新型コロナウイルス感染症の流行で、既存の事業が大幅に減った時には、レーザー加工機を活用して透明なアクリル板をオーダーメード加工して飛沫感染対策として企業向けに売り出したり、足踏み式のアルコール消毒スタンドを開発したりすることで、難局を乗り切った。臨機応変に対応する力が備わっていたことの表れだ。本業の部品加工も、取引先からの発注を待つのではなく、自社の技術者がコストダウンや機能向上ができる代替加工方法を提案し需要を開拓するVE(バリューエンジニアリング)による営業提案力を高めている。取引先も精密機器、食品機械、理化学機器、測定機器など多岐にわたる分野へと拡大した。

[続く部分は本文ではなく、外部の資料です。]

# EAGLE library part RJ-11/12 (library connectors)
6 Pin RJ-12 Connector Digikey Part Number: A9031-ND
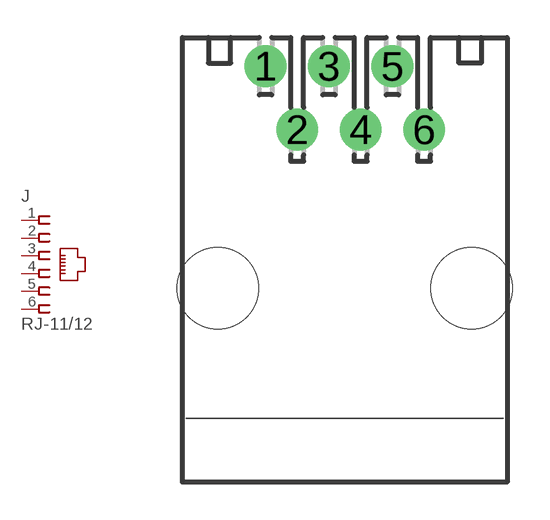
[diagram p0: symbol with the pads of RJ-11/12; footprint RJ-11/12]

Designator prefix J

## RJ-11/12TH  [RJ-11/12]
1  1  pas
2  2  pas
3  3  pas
4  4  pas
5  5  pas
6  6  pas

## Footprint RJ-11/12 (pad centres in mm)
Modular Jack without Panel Stops
drill 0.889 pad 1.676 round: 1 -3.175,7.747; 2 -1.905,5.207; 3 -0.635,7.747; 4 0.635,5.207; 5 1.905,7.747; 6 3.175,5.207
hole 3.251 at -5.08,-1.143
hole 3.251 at 5.08,-1.143
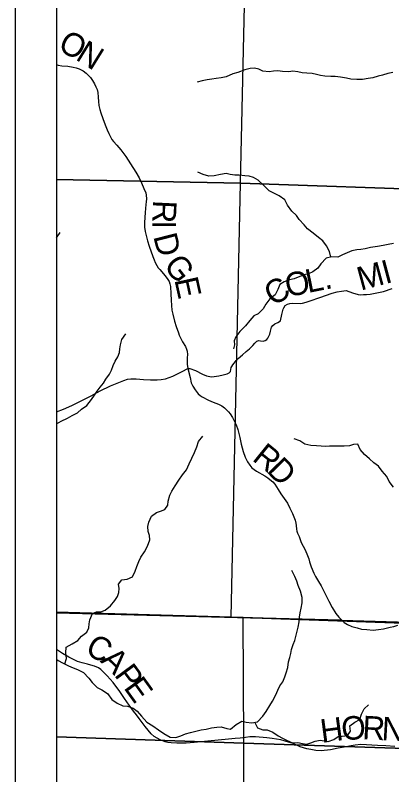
# Model space of a CAD drawing. Extents: x 0 to 34, y 0 to 22.
# Drawn here: x 2 to 2.91, y 18.326 to 20.162 of the extents above; entities that cross this region are included whole.
import ezdxf

# ---------------------------------------------------------------- set-up
doc = ezdxf.new("R2010")
doc.units = 0
for name, color, linetype in [('Default', 7, 'Continuous'), ('GM_X_County_Road', 7, 'Continuous'), ('GM_X_County_Road_Text', 7, 'Continuous'), ('GM_X_Minor_River', 7, 'Continuous'), ('GM_X_Rail_Line', 7, 'Continuous'), ('GM_X_Section', 7, 'Continuous'), ('GM_X_Township_Road', 7, 'Continuous'), ('GM_X_Township_Road_Text', 7, 'Continuous'), ('SH_Cut_Line', 7, 'Continuous'), ('SH_Data', 7, 'Continuous')]:
    doc.layers.add(name, color=color, linetype=linetype)

msp = doc.modelspace()

# ---------------------------------------------------------------- linework, layer by layer
at = {"layer": 'Default'}
for points in [[(2.1, 20.7777), (2.1, 19.7647), (2.5439, 19.7556), (2.5664, 20.7581)], [(2.1, 19.7647), (2.1, 18.7189), (2.5214, 18.7068), (2.5439, 19.7556)], [(2.1, 18.7189), (2.1, 18.418), (2.5522, 18.4023), (2.551, 18.706), (2.5214, 18.7068)], [(2.1, 18.418), (2.1, 17.4114), (2.5532, 17.3998), (2.5522, 18.4023)]]:
    msp.add_lwpolyline(points, close=True, dxfattribs=at)
at = {"layer": 'GM_X_County_Road'}
msp.add_lwpolyline([(2.9169, 18.3941), (2.8954, 18.3961), (2.8751, 18.3972), (2.8344, 18.399), (2.8213, 18.3978), (2.8112, 18.3959), (2.7948, 18.3926), (2.7799, 18.39), (2.7618, 18.3863), (2.7392, 18.3841), (2.7261, 18.3847), (2.7142, 18.3868), (2.7047, 18.3888), (2.6881, 18.3937), (2.6711, 18.4017), (2.652, 18.4071), (2.6412, 18.4102), (2.6311, 18.4122), (2.6203, 18.4141), (2.6077, 18.4157), (2.5804, 18.4178), (2.5671, 18.4178), (2.5561, 18.4162), (2.5435, 18.4145), (2.5311, 18.4134), (2.5154, 18.4121), (2.4653, 18.4076), (2.4322, 18.4043), (2.4128, 18.4023), (2.3905, 18.4023), (2.377, 18.403), (2.3688, 18.4042), (2.3623, 18.4059), (2.3505, 18.4103), (2.3428, 18.4142), (2.3355, 18.4189), (2.3283, 18.4252), (2.3213, 18.4337), (2.3136, 18.4429), (2.2991, 18.4622), (2.2927, 18.471), (2.286, 18.4798), (2.2752, 18.4943), (2.2636, 18.5108), (2.2525, 18.5272), (2.2365, 18.5492), (2.2224, 18.5654), (2.2152, 18.5727), (2.207, 18.5801), (2.2008, 18.5843), (2.1915, 18.5884), (2.183, 18.5909), (2.1747, 18.5931), (2.1621, 18.5962), (2.1505, 18.5999), (2.1292, 18.6105), (2.1141, 18.6193), (2.1018, 18.6275), (2.1, 18.6286)], dxfattribs=at)
at = {"layer": 'GM_X_Minor_River'}
for points in [[(2.912, 20.0233), (2.9002, 20.0205), (2.887, 20.017), (2.8765, 20.0139), (2.864, 20.0104), (2.8527, 20.0084), (2.8387, 20.0064), (2.8254, 20.0059), (2.8107, 20.0073), (2.8004, 20.0098), (2.786, 20.012), (2.7731, 20.0138), (2.7625, 20.0133), (2.7478, 20.0139), (2.7372, 20.0161), (2.7277, 20.0179), (2.7174, 20.0205), (2.7046, 20.0215), (2.6928, 20.0226), (2.683, 20.0244), (2.6708, 20.0262), (2.661, 20.0246), (2.6458, 20.0259), (2.6341, 20.027), (2.6239, 20.0265), (2.6137, 20.0249), (2.5985, 20.0263), (2.5883, 20.0315), (2.5776, 20.0337), (2.5674, 20.0328), (2.5546, 20.0293), (2.538, 20.0235), (2.5255, 20.0196), (2.5093, 20.0126), (2.4972, 20.0099), (2.4851, 20.0086), (2.4753, 20.007), (2.464, 20.0054), (2.4515, 20.003), (2.4398, 19.9999)], [(2.7623, 19.577), (2.7591, 19.5908), (2.7522, 19.604), (2.743, 19.6165), (2.7327, 19.6247), (2.7193, 19.6349), (2.7056, 19.6454), (2.698, 19.6551), (2.6861, 19.6676), (2.6792, 19.6774), (2.6678, 19.6879), (2.6574, 19.7022), (2.6509, 19.7158), (2.6379, 19.7248), (2.6261, 19.7307), (2.6132, 19.7371), (2.6006, 19.7499), (2.5869, 19.763), (2.5758, 19.769), (2.5652, 19.7727), (2.5546, 19.7737), (2.5406, 19.7748), (2.5307, 19.775), (2.5194, 19.7765), (2.5099, 19.7787), (2.4955, 19.777), (2.4808, 19.7731), (2.4675, 19.7726), (2.4543, 19.7763), (2.4413, 19.7822)], [(2.1, 19.6236), (2.1013, 19.6257), (2.1084, 19.6368)], [(2.9137, 19.6096), (2.9009, 19.6076), (2.8884, 19.6048), (2.8748, 19.6025), (2.8585, 19.6), (2.8453, 19.5973), (2.8351, 19.5957), (2.8253, 19.5944), (2.8132, 19.5924), (2.8019, 19.5874), (2.7909, 19.5828), (2.7789, 19.577), (2.7649, 19.5776), (2.7513, 19.5745), (2.7385, 19.5607), (2.7307, 19.5504), (2.719, 19.5416), (2.7081, 19.5362), (2.6979, 19.5338), (2.6873, 19.5299), (2.6737, 19.5249), (2.6628, 19.5221), (2.6496, 19.5171), (2.6394, 19.5106), (2.6342, 19.4991), (2.6275, 19.4862), (2.6151, 19.4762), (2.6054, 19.4636), (2.5987, 19.4522), (2.5871, 19.44), (2.5765, 19.4353), (2.5664, 19.4242), (2.5559, 19.4113), (2.5424, 19.3975), (2.5327, 19.3845), (2.529, 19.3746), (2.5298, 19.3652), (2.5269, 19.3557)], [(2.1, 19.1743), (2.1109, 19.1803), (2.126, 19.1877), (2.1377, 19.1942), (2.1501, 19.2011), (2.1599, 19.2092), (2.173, 19.2188), (2.1839, 19.2333), (2.1914, 19.2432), (2.1977, 19.2527), (2.2056, 19.2627), (2.2135, 19.2722), (2.219, 19.2821), (2.228, 19.2939), (2.2325, 19.3042), (2.2365, 19.3152), (2.2417, 19.3255), (2.2477, 19.3362), (2.2518, 19.3461), (2.2528, 19.3556), (2.2546, 19.3651), (2.2579, 19.3776), (2.2669, 19.3917)], [(2.1198, 18.5938), (2.1239, 18.6069), (2.1223, 18.6205), (2.1233, 18.6346), (2.1373, 18.6423), (2.1516, 18.6507), (2.1602, 18.661), (2.1733, 18.671), (2.1782, 18.6813), (2.1788, 18.6908), (2.1803, 18.7006), (2.1866, 18.7162), (2.1964, 18.7201), (2.207, 18.7202), (2.2172, 18.7241), (2.2299, 18.7344), (2.2408, 18.7474), (2.2468, 18.7569), (2.2505, 18.7664), (2.2515, 18.7763), (2.2492, 18.7869), (2.2578, 18.7972), (2.2703, 18.7984), (2.2834, 18.8042), (2.2894, 18.8183), (2.2934, 18.829), (2.299, 18.8412), (2.3031, 18.8518), (2.3124, 18.8652), (2.3199, 18.8789), (2.3254, 18.8941), (2.3242, 18.9039), (2.3215, 18.9138), (2.3202, 18.9262), (2.3224, 18.9369), (2.3291, 18.951), (2.3411, 18.9598), (2.3509, 18.9629), (2.3615, 18.9668), (2.369, 18.9778), (2.3696, 18.9873), (2.3737, 19.0014), (2.3785, 19.0113), (2.3863, 19.0242), (2.3949, 19.0383), (2.4043, 19.0509), (2.4136, 19.0632), (2.4203, 19.0776), (2.4263, 19.0913), (2.4329, 19.105), (2.4385, 19.1183), (2.4429, 19.1316), (2.453, 19.1442)], [(2.914, 19.0208), (2.9033, 19.0344), (2.8975, 19.0472), (2.8864, 19.0597), (2.8776, 19.0721), (2.8662, 19.0799), (2.8559, 19.0893), (2.8433, 19.1002), (2.833, 19.1123), (2.8272, 19.1247), (2.817, 19.1239), (2.8071, 19.1208), (2.7947, 19.1199), (2.7822, 19.1198), (2.772, 19.1205), (2.7595, 19.1203), (2.7493, 19.1191), (2.7386, 19.1198), (2.7277, 19.1208), (2.7137, 19.1215), (2.6996, 19.1248), (2.6871, 19.1334), (2.6738, 19.1382)], [(2.4363, 18.4314), (2.4491, 18.4346), (2.4616, 18.4366), (2.474, 18.4393), (2.4869, 18.4413), (2.4975, 18.4422), (2.5108, 18.4381), (2.5202, 18.4363), (2.5334, 18.4474), (2.5477, 18.4559), (2.5576, 18.4529), (2.5712, 18.4515), (2.5852, 18.4539), (2.5979, 18.4677), (2.6065, 18.4791), (2.6147, 18.4936), (2.6218, 18.5043), (2.6296, 18.5191), (2.6345, 18.5309), (2.6393, 18.5408), (2.6464, 18.5507), (2.6512, 18.5625), (2.6545, 18.5728), (2.6586, 18.5857), (2.6604, 18.599), (2.6633, 18.6097), (2.6659, 18.6195), (2.6677, 18.629), (2.6717, 18.6408), (2.6754, 18.6503), (2.678, 18.6602), (2.6813, 18.6731), (2.6835, 18.683), (2.6856, 18.6959), (2.687, 18.7073), (2.6885, 18.7171), (2.6906, 18.7285), (2.6928, 18.7414), (2.6934, 18.7543), (2.6891, 18.7695), (2.6833, 18.7831), (2.6806, 18.794), (2.6752, 18.8054), (2.6683, 18.8197)], [(2.1, 18.6053), (2.1039, 18.6022), (2.1142, 18.5966), (2.1286, 18.5895), (2.1404, 18.5843), (2.1507, 18.5806), (2.1651, 18.5731), (2.1781, 18.5592), (2.1858, 18.5494), (2.198, 18.537), (2.209, 18.531), (2.2231, 18.5225), (2.2335, 18.5081), (2.246, 18.4988), (2.2601, 18.4928), (2.2711, 18.4922), (2.2847, 18.4874), (2.2943, 18.4802), (2.3054, 18.4674), (2.3183, 18.4531), (2.3324, 18.4446), (2.3458, 18.4348), (2.3587, 18.4258), (2.3739, 18.4172), (2.3883, 18.4162), (2.4, 18.4201), (2.4117, 18.4248), (2.423, 18.4279), (2.4363, 18.4314)], [(2.5785, 18.4528), (2.5853, 18.4395), (2.5982, 18.4343), (2.6084, 18.4348), (2.6221, 18.4292), (2.6351, 18.4199), (2.6453, 18.4143), (2.6552, 18.4094), (2.67, 18.4035), (2.6825, 18.404), (2.6943, 18.4018), (2.7045, 18.4004), (2.7143, 18.4035), (2.7241, 18.4074), (2.7362, 18.4094), (2.7461, 18.4083), (2.7555, 18.4069), (2.7699, 18.4112), (2.7797, 18.4185), (2.7895, 18.4193), (2.8027, 18.4213), (2.8102, 18.4316), (2.8082, 18.4441), (2.8202, 18.4533), (2.8327, 18.4599), (2.8367, 18.4724), (2.843, 18.4854), (2.8536, 18.4953)]]:
    msp.add_lwpolyline(points, dxfattribs=at)
at = {"layer": 'GM_X_Rail_Line'}
for points in [[(4.5874, 20.9), (2.1, 20.9), (2.1, 18.7171), (2.7864, 18.6994), (2.7892, 18.6993), (2.9222, 18.6946), (2.9234, 18.6945), (3.8442, 18.6615), (3.8456, 18.6615), (4.5462, 18.6416), (4.5515, 18.7621), (4.5519, 18.771), (4.5566, 18.8683), (4.5569, 18.8737), (4.5569, 18.8748), (4.5571, 18.8875), (4.5772, 20.3136), (4.5773, 20.3149)], [(2.1, 18.7171), (2.1, 14.1), (4.5781, 14.1), (4.5658, 14.9668), (4.5509, 15.5331), (4.5478, 16.582), (4.5489, 17.6578), (4.5474, 17.7028), (4.5429, 17.9404), (4.5419, 17.9684), (4.5402, 18.2851), (4.5408, 18.3763), (4.5397, 18.3961), (4.5397, 18.4045), (4.5399, 18.4424), (4.5403, 18.5054), (4.5462, 18.6416), (3.8456, 18.6615), (3.8442, 18.6615), (2.9234, 18.6945), (2.9222, 18.6946), (2.7892, 18.6993), (2.7864, 18.6994)]]:
    msp.add_lwpolyline(points, close=True, dxfattribs=at)
at = {"layer": 'GM_X_Section'}
for points in [[(2.5664, 20.7581), (3.5738, 20.7275), (3.5637, 19.7201), (2.5439, 19.7556)], [(2.5439, 19.7556), (3.5637, 19.7201), (3.5541, 18.6711), (2.551, 18.706), (2.5214, 18.7068)], [(2.551, 18.706), (3.5541, 18.6711), (3.5508, 18.3698), (2.5522, 18.4023)], [(2.5522, 18.4023), (3.5508, 18.3698), (3.5573, 17.3676), (2.5532, 17.3998)]]:
    msp.add_lwpolyline(points, close=True, dxfattribs=at)
at = {"layer": 'GM_X_Township_Road'}
for points in [[(2.1, 20.0421), (2.1041, 20.0411), (2.1126, 20.0396), (2.1268, 20.0382), (2.1398, 20.0362), (2.1469, 20.0347), (2.1548, 20.0318), (2.1644, 20.0268), (2.1717, 20.0212), (2.1774, 20.0159), (2.1821, 20.0107), (2.1871, 20.0034), (2.1916, 19.9955), (2.1951, 19.9882), (2.1976, 19.9818), (2.1996, 19.9745), (2.2006, 19.9634), (2.2014, 19.9528), (2.202, 19.9435), (2.2044, 19.9337), (2.2068, 19.9254), (2.2116, 19.9119), (2.2172, 19.8963), (2.2218, 19.8846), (2.2258, 19.8758), (2.2298, 19.868), (2.2336, 19.8616), (2.2377, 19.8565), (2.2455, 19.8472), (2.2548, 19.8364), (2.2674, 19.8203), (2.2782, 19.8025), (2.2911, 19.7821), (2.2993, 19.7684), (2.3049, 19.7564), (2.3109, 19.7429), (2.3152, 19.7322), (2.3164, 19.7266), (2.3168, 19.7179), (2.3167, 19.7109), (2.3158, 19.7039), (2.3138, 19.6845), (2.3122, 19.6605), (2.312, 19.6496), (2.3136, 19.6387), (2.3168, 19.6259), (2.3193, 19.6166), (2.3234, 19.6037), (2.3323, 19.5783), (2.3355, 19.5703), (2.3383, 19.5641), (2.342, 19.5564), (2.3453, 19.5513), (2.349, 19.5469), (2.3621, 19.5317), (2.3685, 19.5232), (2.3718, 19.5178), (2.3736, 19.5126), (2.3752, 19.5058), (2.3759, 19.4884), (2.3765, 19.4726), (2.3773, 19.4602), (2.3786, 19.4486), (2.3806, 19.439), (2.385, 19.4223), (2.3887, 19.4091), (2.3941, 19.3939), (2.3962, 19.3885), (2.3985, 19.3835), (2.4042, 19.3726), (2.411, 19.3611), (2.414, 19.3545), (2.4154, 19.3496), (2.416, 19.342), (2.4157, 19.3335), (2.4156, 19.3183), (2.4171, 19.3075), (2.4223, 19.2863), (2.4252, 19.2735), (2.4289, 19.2654), (2.4346, 19.2559), (2.4417, 19.2467), (2.4469, 19.2423), (2.4517, 19.2393), (2.4669, 19.2314), (2.4782, 19.2267), (2.4914, 19.2215), (2.4987, 19.2173), (2.5054, 19.2126), (2.5103, 19.2082), (2.5153, 19.2028), (2.5189, 19.1979), (2.5247, 19.1894), (2.5282, 19.1826), (2.5339, 19.1714), (2.5379, 19.1606), (2.5427, 19.1414), (2.5459, 19.1251), (2.5507, 19.107), (2.5557, 19.0937), (2.5614, 19.0822), (2.5666, 19.074), (2.5718, 19.068), (2.5771, 19.0635), (2.5829, 19.0599), (2.6027, 19.0482), (2.6099, 19.0439), (2.6153, 19.0399), (2.6223, 19.0337), (2.6271, 19.0282), (2.6348, 19.0154), (2.6414, 19.0053), (2.6576, 18.9828), (2.6637, 18.97), (2.6695, 18.9574), (2.6732, 18.9498), (2.6762, 18.9411), (2.6779, 18.9343), (2.6787, 18.9281), (2.6794, 18.9199), (2.6803, 18.915), (2.6819, 18.91), (2.6858, 18.9017), (2.691, 18.8876), (2.7001, 18.8699), (2.7063, 18.8557), (2.709, 18.8482), (2.7112, 18.8408), (2.7148, 18.8284), (2.7213, 18.813), (2.7255, 18.805), (2.7323, 18.7931), (2.7387, 18.7826), (2.7574, 18.7453), (2.7656, 18.7301), (2.7747, 18.7159), (2.7819, 18.7071), (2.7894, 18.6988), (2.7925, 18.6961)], [(2.1, 19.2035), (2.1163, 19.2096), (2.1365, 19.2182), (2.1832, 19.2418), (2.2054, 19.2541), (2.2305, 19.2659), (2.2625, 19.279), (2.2712, 19.2822), (2.2792, 19.2831), (2.2925, 19.2827), (2.3099, 19.281), (2.3271, 19.2803), (2.3428, 19.2808), (2.3524, 19.2814), (2.3628, 19.2832), (2.3807, 19.2894), (2.3953, 19.2967), (2.4035, 19.3008), (2.4171, 19.3075), (2.4194, 19.308), (2.422, 19.308), (2.4353, 19.3031), (2.4522, 19.2942), (2.462, 19.2905), (2.47, 19.2884), (2.4747, 19.2878), (2.4919, 19.2905), (2.5026, 19.2922), (2.5117, 19.2951), (2.5164, 19.2974), (2.5198, 19.3006), (2.522, 19.3099), (2.5231, 19.3129), (2.5255, 19.3169), (2.5286, 19.321), (2.5337, 19.3272), (2.5388, 19.3324), (2.5493, 19.3406), (2.5582, 19.349), (2.5655, 19.3557), (2.5742, 19.3636), (2.579, 19.3688), (2.5839, 19.3742), (2.5881, 19.3757), (2.5923, 19.375), (2.5986, 19.3737), (2.6035, 19.3756), (2.6076, 19.3783), (2.6101, 19.381), (2.6151, 19.3904), (2.6165, 19.3982), (2.6187, 19.4076), (2.6224, 19.4119), (2.6271, 19.4155), (2.6341, 19.4186), (2.6409, 19.4228), (2.6443, 19.4386), (2.6472, 19.451), (2.6491, 19.4543), (2.6524, 19.4602), (2.6579, 19.463), (2.6633, 19.4648), (2.6694, 19.4657), (2.688, 19.4651), (2.6942, 19.4656), (2.7027, 19.4681), (2.7127, 19.4717), (2.7354, 19.4794), (2.7655, 19.4896), (2.7779, 19.4928), (2.7883, 19.4945), (2.7997, 19.4962), (2.8143, 19.491), (2.8284, 19.4866), (2.8346, 19.4862), (2.8415, 19.4868), (2.8482, 19.4864), (2.8573, 19.4875), (2.8815, 19.4923), (2.8892, 19.4938), (2.9104, 19.5011)], [(2.7925, 18.6961), (2.7949, 18.6941), (2.8027, 18.6892), (2.8133, 18.6847), (2.8258, 18.6808), (2.8362, 18.6783), (2.8496, 18.6769), (2.8646, 18.6758), (2.8777, 18.6771), (2.8893, 18.6789), (2.9056, 18.6825), (2.9145, 18.6846), (2.9242, 18.6876)]]:
    msp.add_lwpolyline(points, dxfattribs=at)
at = {"layer": 'SH_Cut_Line'}
msp.add_lwpolyline([(8.9, 14.624), (8.9, 20.9), (2.1, 20.9), (2.1, 14.1)], dxfattribs=at)
at = {"layer": 'SH_Data'}
for p, q in [((2, 21), (2, 14)), ((2.1, 20.9), (2.1, 14.1))]:
    msp.add_line(p, q, dxfattribs=at)

# ---------------------------------------------------------------- texts
at = {"layer": 'GM_X_County_Road_Text'}
for s, rotation, p in [('C', 330.884, (2.166, 18.6205)), ('A', 315.7599, (2.2036, 18.6001)), ('P', 306.5192, (2.2378, 18.5671)), ('E', 305.7908, (2.2605, 18.5364)), ('O', 3.3314, (2.7892, 18.4094)), ('R', 356.9152, (2.8374, 18.4123)), ('N', 356.7709, (2.884, 18.4098)), ('H', 7.5222, (2.7407, 18.403))]:
    msp.add_text(s, height=0.0568, rotation=rotation, dxfattribs=at).set_placement(p)
at = {"layer": 'GM_X_Township_Road_Text'}
for s, rotation, p in [('O', 331.302, (2.1004, 20.0791)), ('N', 328.1784, (2.1435, 20.0555)), ('R', 267.3567, (2.3335, 19.7154)), ('I', 269.9931, (2.3313, 19.6659)), ('D', 284.2584, (2.3332, 19.6273)), ('G', 307.693, (2.3566, 19.5562)), ('I', 14.9545, (2.894, 19.5118)), ('M', 15.1295, (2.8345, 19.4957)), ('O', 12.1001, (2.6583, 19.4797)), ('L', 11.4587, (2.7071, 19.4901)), ('E', 282.427, (2.3843, 19.5225)), ('C', 31.5983, (2.6233, 19.4571)), ('.', 10.0647, (2.7484, 19.4985)), ('R', 321.0744, (2.5702, 19.0874)), ('D', 314.3354, (2.6052, 19.0593))]:
    msp.add_text(s, height=0.0568, rotation=rotation, dxfattribs=at).set_placement(p)

doc.saveas('drawing.dxf')

創業家の親族以外から取締役に昇格した取締役営業部長の飯塚将知氏は「入社した当時は同族経営の“ザ・町工場”という印象で、経営者と社員、社員間のコミュニケーションが乏しかった。でも、この会社の技術力は素晴らしいし、もったいないと思っていた。発言権を得るためには一生懸命仕事を覚えるしかないと頑張ってきたが、今の体制で役員にしてもらえた。今までは工場を主に見ていたが、これからは精密板金の新規開拓に取り組みたい」と、会社が正当な評価をして登用された結果に満足し、今後の事業拡大に意欲を示している。
現社長が販路開拓の先頭に
川上博史氏は2022年に社長職を甥の川上広晃氏に譲り、自身は代表権のない取締役会長に就いた。社長が担えるだけの力が十分についたと判断したからだ。川上広晃社長が社員時代から尽力したのが、取引先の拡大だった。部品加工の下請け仕事だけでは、高い利益率を得ることが難しいと痛感していた。転機となったのが、大型アウトレットモールの看板製作を受注したことだった。自社のレーザー加工機で看板サインをきれいに仕上げた。この経験から、今まで取引のなかったゼネコンやビルの施主などに自社の加工技術を積極的に売り込むことにした。「最初はただ看板を切るだけだったが、そのうち曲げ、溶接、塗装と看板に必要な仕事をトータルでできるようになっていった。出来栄えが評判を呼び、東京駅構内の大型ショッピングモールの看板を製作して設置まで手掛けるまでになった」(川上社長)。社員も自分たちが作った看板が地域のシンボルとなっていることに誇りを感じるようになったという。現在は部品加工と看板・サイン制作の2本柱で経営を行うまでに規模を拡大させている。
自社製品づくりに挑戦
同社が現在取り組んでいるのが、自社製品づくりだ。新会社「株式会社AQforward」を設立し、銀イオン水の製造装置や配管を洗浄する活水器を製造・販売する事業に乗り出した。新会社の社長には川上博史氏が就いた。銀イオン水製造装置は、銀棒に電流を流すことで銀イオン水を製造するというもの。銀イオン水は高い殺菌効果を持つことから、ビルや公共施設、学校、病院などさまざまな施設の除菌に活用できる。同社は事業再構築補助金を利用してこの装置を開発した。また、活水器は配管内のさびや汚泥の堆積を防ぎ、匂いを除去する効果が得られる。活水器事業はもともと他社が手掛けていたが、経営者が高齢になり、事業を続けることが難しくなっていたことから、野火止製作所に事業を譲渡する話が持ち込まれた。埼玉県の事業承継引継ぎ支援センターに仲介してもらうことで、事業承継の手続きを進めた。それまで活水器は特定の電鉄会社向けに提供していたが、今後はより幅広い販路に向けて採用を働きかけていく考え。装置の製造は野火止製作所、販売はAQforwardが担っていく体制だ。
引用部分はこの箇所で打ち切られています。